10. Before placing this opinion before the Legal Affairs Committee, I took the liberty of conferring with Mrs Agudo and obtaining her support for certain possible amendments to her draft recommendation. As a result of our discussions, a preliminary draft opinion was presented to the Environment Committee on 29 April for its consideration. The Environment Committee accepted all of the amendments on which Mrs Agudo and I had agreed. In addition to these amendments, however, I had included a further amendment as a result of insights gained after the discussions held with Mrs Agudo during the March/April part-session. Unfortunately, I had not the opportunity to explain this to her before the meeting of the Environment Committee of 29 April last, due to the short time available. This additional point concerns the idea of a Committee of Ministers’ Recommendation as a provisional interim measure to be implemented as a preparatory step prior to elaboration of a Protocol to the ECHR; it would appear in an amended recommendation as paragraph 10.a.ii. On learning of their discomfort with this proposal, therefore, I took the step of further elaborating this explanatory memorandum and of clarifying the purpose of the amendment which would introduce a new paragraph 10.a.ii to the recommendation. I hope this change has made the text acceptable.

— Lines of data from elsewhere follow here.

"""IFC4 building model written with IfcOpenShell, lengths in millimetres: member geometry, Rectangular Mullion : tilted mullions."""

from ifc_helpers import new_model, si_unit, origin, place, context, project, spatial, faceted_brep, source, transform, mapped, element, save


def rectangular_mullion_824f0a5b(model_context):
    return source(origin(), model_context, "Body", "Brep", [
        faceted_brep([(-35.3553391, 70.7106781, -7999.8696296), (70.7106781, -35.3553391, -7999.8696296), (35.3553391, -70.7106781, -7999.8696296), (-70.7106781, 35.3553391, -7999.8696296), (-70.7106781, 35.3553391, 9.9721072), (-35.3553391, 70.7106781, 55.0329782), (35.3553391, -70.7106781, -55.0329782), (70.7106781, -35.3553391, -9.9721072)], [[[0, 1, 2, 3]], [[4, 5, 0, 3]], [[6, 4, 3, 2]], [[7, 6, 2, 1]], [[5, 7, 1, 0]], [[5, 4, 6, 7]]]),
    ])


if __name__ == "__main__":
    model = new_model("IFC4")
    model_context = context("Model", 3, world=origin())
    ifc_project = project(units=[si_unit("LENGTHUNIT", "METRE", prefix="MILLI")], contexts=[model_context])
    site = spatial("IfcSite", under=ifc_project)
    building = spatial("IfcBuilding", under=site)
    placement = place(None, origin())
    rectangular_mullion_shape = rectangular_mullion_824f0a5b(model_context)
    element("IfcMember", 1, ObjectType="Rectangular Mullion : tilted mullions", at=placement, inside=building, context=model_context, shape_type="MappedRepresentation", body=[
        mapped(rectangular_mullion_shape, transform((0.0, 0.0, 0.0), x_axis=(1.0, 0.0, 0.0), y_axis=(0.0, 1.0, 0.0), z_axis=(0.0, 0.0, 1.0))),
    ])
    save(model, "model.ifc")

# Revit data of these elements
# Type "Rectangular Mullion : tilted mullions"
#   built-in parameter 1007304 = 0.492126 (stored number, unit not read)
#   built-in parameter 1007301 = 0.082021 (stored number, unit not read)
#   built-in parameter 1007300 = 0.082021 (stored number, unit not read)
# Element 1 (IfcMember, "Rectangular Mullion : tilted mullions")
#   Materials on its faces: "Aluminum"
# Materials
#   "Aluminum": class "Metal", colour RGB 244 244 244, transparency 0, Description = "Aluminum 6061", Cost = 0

Reporting committee: Committee on the Environment, Agriculture and Local and Regional Affairs.
Committee for opinion: Committee on Legal Affairs and Human Rights
Reference to committee: Doc 8369, Reference No 2377 of 26 April 1999
Opinion approved by the committee on 5 June 2003
Secretaries to the committee: Ms Coin, Mr Schirmer, Mr Ćupina, Mr Milner
1 See Doc 9791 tabled by the Committee on the Environment, Agriculture and Local and Regional Affairs.
2 See for example López Ostra v. Spain (23/11/94) and Guerra & otrs v. Italy (19/2/98).